§ Task prompt:
Go through the records and report each line in which the word "under" occurs.

Stored data entries:
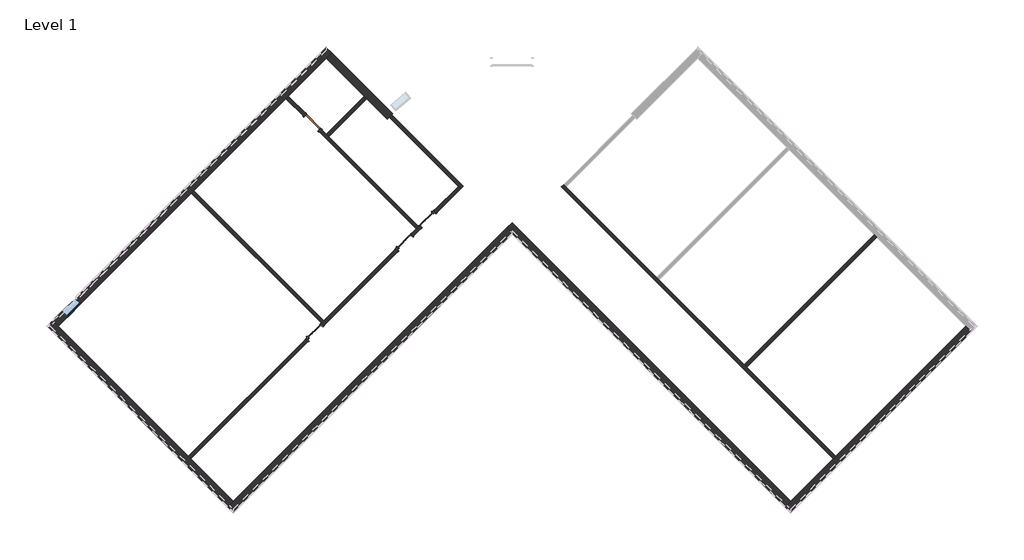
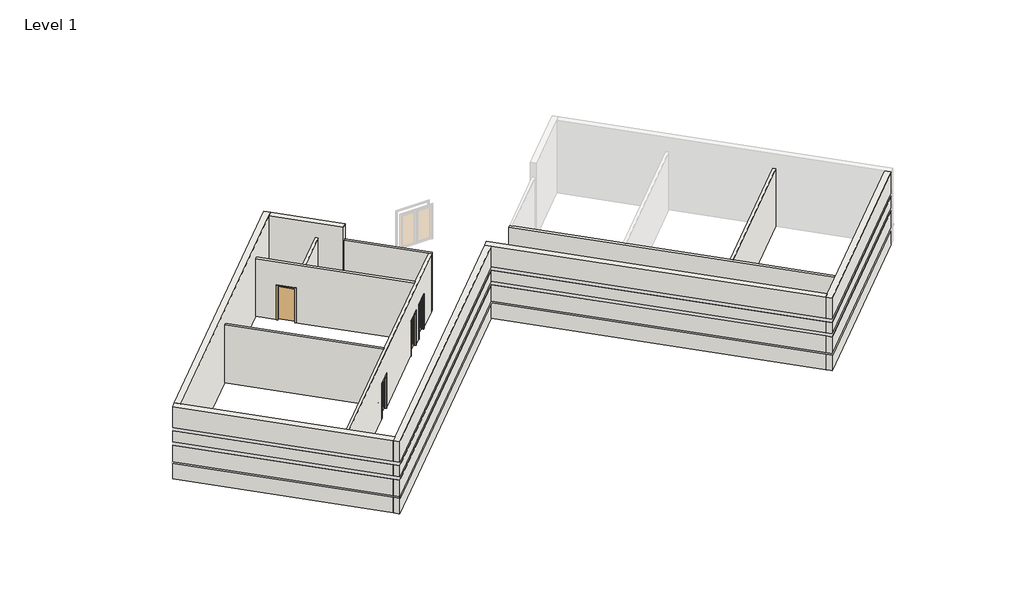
# One storey, part 1 of 2: 13 walls, 4 doors, 1 window.
"""IFC4 building model written with IfcOpenShell, lengths in millimetres."""

from ifc_helpers import new_model, si_unit, frame, origin, origin_with_axes, place, context, project, spatial, polyline, circle_curve, outline, extrude, faceted_brep, transform, mapped, element, save
from ifc_brep_helpers import plane_surface, cylinder_surface, revolved_surface, advanced_brep
from components import door_47956b35, door_87dbb2e6, door_9d26d547, window_15c49d37

model = new_model("IFC4")

# Units and contexts
model_context = context("Model", 3, world=origin())
ifc_project = project(units=[si_unit("LENGTHUNIT", "METRE", prefix="MILLI")], contexts=[model_context])

# Site, building, storey
site = spatial("IfcSite", under=ifc_project)
building = spatial("IfcBuilding", under=site)
storey = spatial("IfcBuildingStorey", under=building, Name="Level 1", Elevation=0.0)

# Doors
placement = place(None, origin())
door_shape = door_47956b35(model_context)
element("IfcDoor", 1, ObjectType="Door-Interior-Single-Full Glass-Wood : 36\" x 84\"", at=placement, inside=storey, context=model_context, shape_type="MappedRepresentation", body=[
    mapped(door_shape, transform((-12030.0168896, -1645.2399237, 0.0), x_axis=(0.7071067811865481, 0.7071067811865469, 0.0), y_axis=(-0.7071067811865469, 0.7071067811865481, 0.0), z_axis=(0.0, 0.0, 1.0))),
])
element("IfcDoor", 2, ObjectType="Door-Interior-Single-Full Glass-Wood : 36\" x 84\"", at=placement, inside=storey, context=model_context, shape_type="MappedRepresentation", body=[
    mapped(door_shape, transform((-7861.0507676, 2523.7261982, 0.0), x_axis=(0.7071067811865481, 0.7071067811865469, 0.0), y_axis=(-0.7071067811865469, 0.7071067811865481, 0.0), z_axis=(0.0, 0.0, 1.0))),
])
door_2_shape = door_87dbb2e6(model_context)
element("IfcDoor", 3, ObjectType="Door-Interior-Single-Full Glass-Wood : 36\" x 84\"", at=placement, inside=storey, context=model_context, shape_type="MappedRepresentation", body=[
    mapped(door_2_shape, transform((-6783.4200331, 3601.3569328, 0.0), x_axis=(-0.7071067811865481, -0.7071067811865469, 0.0), y_axis=(0.7071067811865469, -0.7071067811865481, 0.0), z_axis=(0.0, 0.0, 1.0))),
])
door_3_shape = door_9d26d547(model_context)
element("IfcDoor", 4, ObjectType="Door-Single-Panel : 36\" x 84\"", at=placement, inside=storey, context=model_context, shape_type="MappedRepresentation", body=[
    mapped(door_3_shape, transform((-12135.6526812, 8091.4849933, 0.0), x_axis=(0.7071067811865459, -0.7071067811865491, 0.0), y_axis=(0.7071067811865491, 0.7071067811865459, 0.0), z_axis=(0.0, 0.0, 1.0))),
])

# Walls
element("IfcWall", 5, ObjectType="Exterior - Split Face and CMU on Mtl. Stud", at=placement, inside=storey, context=model_context, shape_type="Brep", body=[
    faceted_brep([(18186.1821115, -1357.9895101, 0.0), (12149.2049342, -7394.9666875, 0.0), (12039.1967967, -7504.974825, 0.0), (10063.54045, -9480.6311716, 0.0), (9814.3383427, -9729.833279, 0.0), (9814.3383427, -9729.833279, 1016.0), (9879.4451996, -9664.7264221, 1016.0), (9879.4451996, -9664.7264221, 1085.85), (9814.3383427, -9729.833279, 1085.85), (9814.3383427, -9729.833279, 2133.6), (9879.4451996, -9664.7264221, 2133.6), (9879.4451996, -9664.7264221, 2336.8), (9814.3383427, -9729.833279, 2336.8), (9814.3383427, -9729.833279, 3048.0), (9879.4451996, -9664.7264221, 3048.0), (9879.4451996, -9664.7264221, 3251.2), (9814.3383427, -9729.833279, 3251.2), (9814.3383427, -9729.833279, 4572.0), (10063.54045, -9480.6311716, 4572.0), (18186.1821115, -1357.9895101, 4572.0), (18435.3842189, -1607.1916175, 4572.0), (10063.54045, -9979.0353863, 4572.0), (10063.54045, -9979.0353863, 3251.2), (18435.3842189, -1607.1916175, 3251.2), (10063.54045, -9979.0353863, 0.0), (18435.3842189, -1607.1916175, 0.0), (18435.3842189, -1607.1916175, 1016.0), (10063.54045, -9979.0353863, 1016.0), (10063.54045, -9979.0353863, 1085.85), (18435.3842189, -1607.1916175, 1085.85), (18435.3842189, -1607.1916175, 2133.6), (10063.54045, -9979.0353863, 2133.6), (10063.54045, -9979.0353863, 2336.8), (18435.3842189, -1607.1916175, 2336.8), (18435.3842189, -1607.1916175, 3048.0), (10063.54045, -9979.0353863, 3048.0), (9998.4335932, -9913.9285294, 0.0), (18370.277362, -1542.0847606, 3251.2), (18370.277362, -1542.0847606, 3048.0), (18370.277362, -1542.0847606, 2336.8), (18370.277362, -1542.0847606, 2133.6), (18370.277362, -1542.0847606, 1085.85), (18370.277362, -1542.0847606, 1016.0), (18370.277362, -1542.0847606, 0.0), (10063.54045, -9848.8216726, 1085.85), (10063.54045, -9848.8216726, 1016.0), (10063.54045, -9848.8216726, 2133.6), (10063.54045, -9848.8216726, 2336.8), (10063.54045, -9848.8216726, 3048.0), (10063.54045, -9848.8216726, 3251.2)], [[[0, 1, 2, 3, 4, 5, 6, 7, 8, 9, 10, 11, 12, 13, 14, 15, 16, 17, 18, 19]], [[20, 21, 22, 23]], [[24, 25, 26, 27]], [[28, 29, 30, 31]], [[32, 33, 34, 35]], [[19, 18, 17, 21, 20]], [[21, 17, 16, 22]], [[4, 36, 24, 27, 5]], [[8, 28, 31, 9]], [[12, 32, 35, 13]], [[0, 19, 20, 23, 37, 38, 34, 33, 39, 40, 30, 29, 41, 42, 26, 25, 43]], [[4, 3, 2, 1, 0, 43, 36]], [[43, 25, 24, 36]], [[7, 44, 41, 29, 28, 8]], [[42, 45, 6, 5, 27, 26]], [[44, 45, 42, 41]], [[45, 44, 7, 6]], [[40, 46, 10, 9, 31, 30]], [[11, 47, 39, 33, 32, 12]], [[47, 46, 40, 39]], [[46, 47, 11, 10]], [[38, 48, 14, 13, 35, 34]], [[15, 49, 37, 23, 22, 16]], [[49, 48, 38, 37]], [[48, 49, 15, 14]]]),
])
element("IfcWall", 6, ObjectType="Exterior - Split Face and CMU on Mtl. Stud", at=placement, inside=storey, context=model_context, shape_type="Brep", body=[
    faceted_brep([(10063.54045, -9480.6311716, 0.0), (-2868.0283643, 3450.9376427, 0.0), (-2868.0283643, 3450.9376427, 4572.0), (10063.54045, -9480.6311716, 4572.0), (9814.3383427, -9729.833279, 4572.0), (-2868.0283643, 2952.533428, 4572.0), (-3117.2304717, 3201.7355354, 4572.0), (-3117.2304717, 3201.7355354, 0.0), (-2868.0283643, 2952.533428, 0.0), (9814.3383427, -9729.833279, 0.0), (9814.3383427, -9729.833279, 1016.0), (-2868.0283643, 2952.533428, 1016.0), (-2933.1352212, 3017.6402849, 1016.0), (-2933.1352212, 3017.6402849, 1085.85), (-2868.0283643, 2952.533428, 1085.85), (9814.3383427, -9729.833279, 1085.85), (9814.3383427, -9729.833279, 2133.6), (-2868.0283643, 2952.533428, 2133.6), (-2933.1352212, 3017.6402849, 2133.6), (-2933.1352212, 3017.6402849, 2336.8), (-2868.0283643, 2952.533428, 2336.8), (9814.3383427, -9729.833279, 2336.8), (9814.3383427, -9729.833279, 3048.0), (-2868.0283643, 2952.533428, 3048.0), (-2933.1352212, 3017.6402849, 3048.0), (-2933.1352212, 3017.6402849, 3251.2), (-2868.0283643, 2952.533428, 3251.2), (9814.3383427, -9729.833279, 3251.2), (-3052.1236148, 3266.8423923, 0.0), (9879.4451996, -9664.7264221, 3251.2), (9879.4451996, -9664.7264221, 3048.0), (9879.4451996, -9664.7264221, 2336.8), (9879.4451996, -9664.7264221, 2133.6), (9879.4451996, -9664.7264221, 1085.85), (9879.4451996, -9664.7264221, 1016.0), (9879.4451996, -9664.7264221, 0.0), (-2868.0283643, 3082.7471418, 1085.85), (-2868.0283643, 3082.7471418, 1016.0), (-2868.0283643, 3082.7471418, 2133.6), (-2868.0283643, 3082.7471418, 2336.8), (-2868.0283643, 3082.7471418, 3048.0), (-2868.0283643, 3082.7471418, 3251.2)], [[[0, 1, 2, 3]], [[4, 5, 6, 7, 8, 9, 10, 11, 12, 13, 14, 15, 16, 17, 18, 19, 20, 21, 22, 23, 24, 25, 26, 27]], [[3, 2, 6, 5, 4]], [[2, 1, 28, 7, 6]], [[0, 3, 4, 27, 29, 30, 22, 21, 31, 32, 16, 15, 33, 34, 10, 9, 35]], [[1, 0, 35, 28]], [[35, 9, 8, 7, 28]], [[13, 36, 33, 15, 14]], [[34, 37, 12, 11, 10]], [[36, 37, 34, 33]], [[37, 36, 13, 12]], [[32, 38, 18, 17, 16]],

§ Written solution:
site = spatial("IfcSite", under=ifc_project)
building = spatial("IfcBuilding", under=site)
storey = spatial("IfcBuildingStorey", under=building, Name="Level 1", Elevation=0.0)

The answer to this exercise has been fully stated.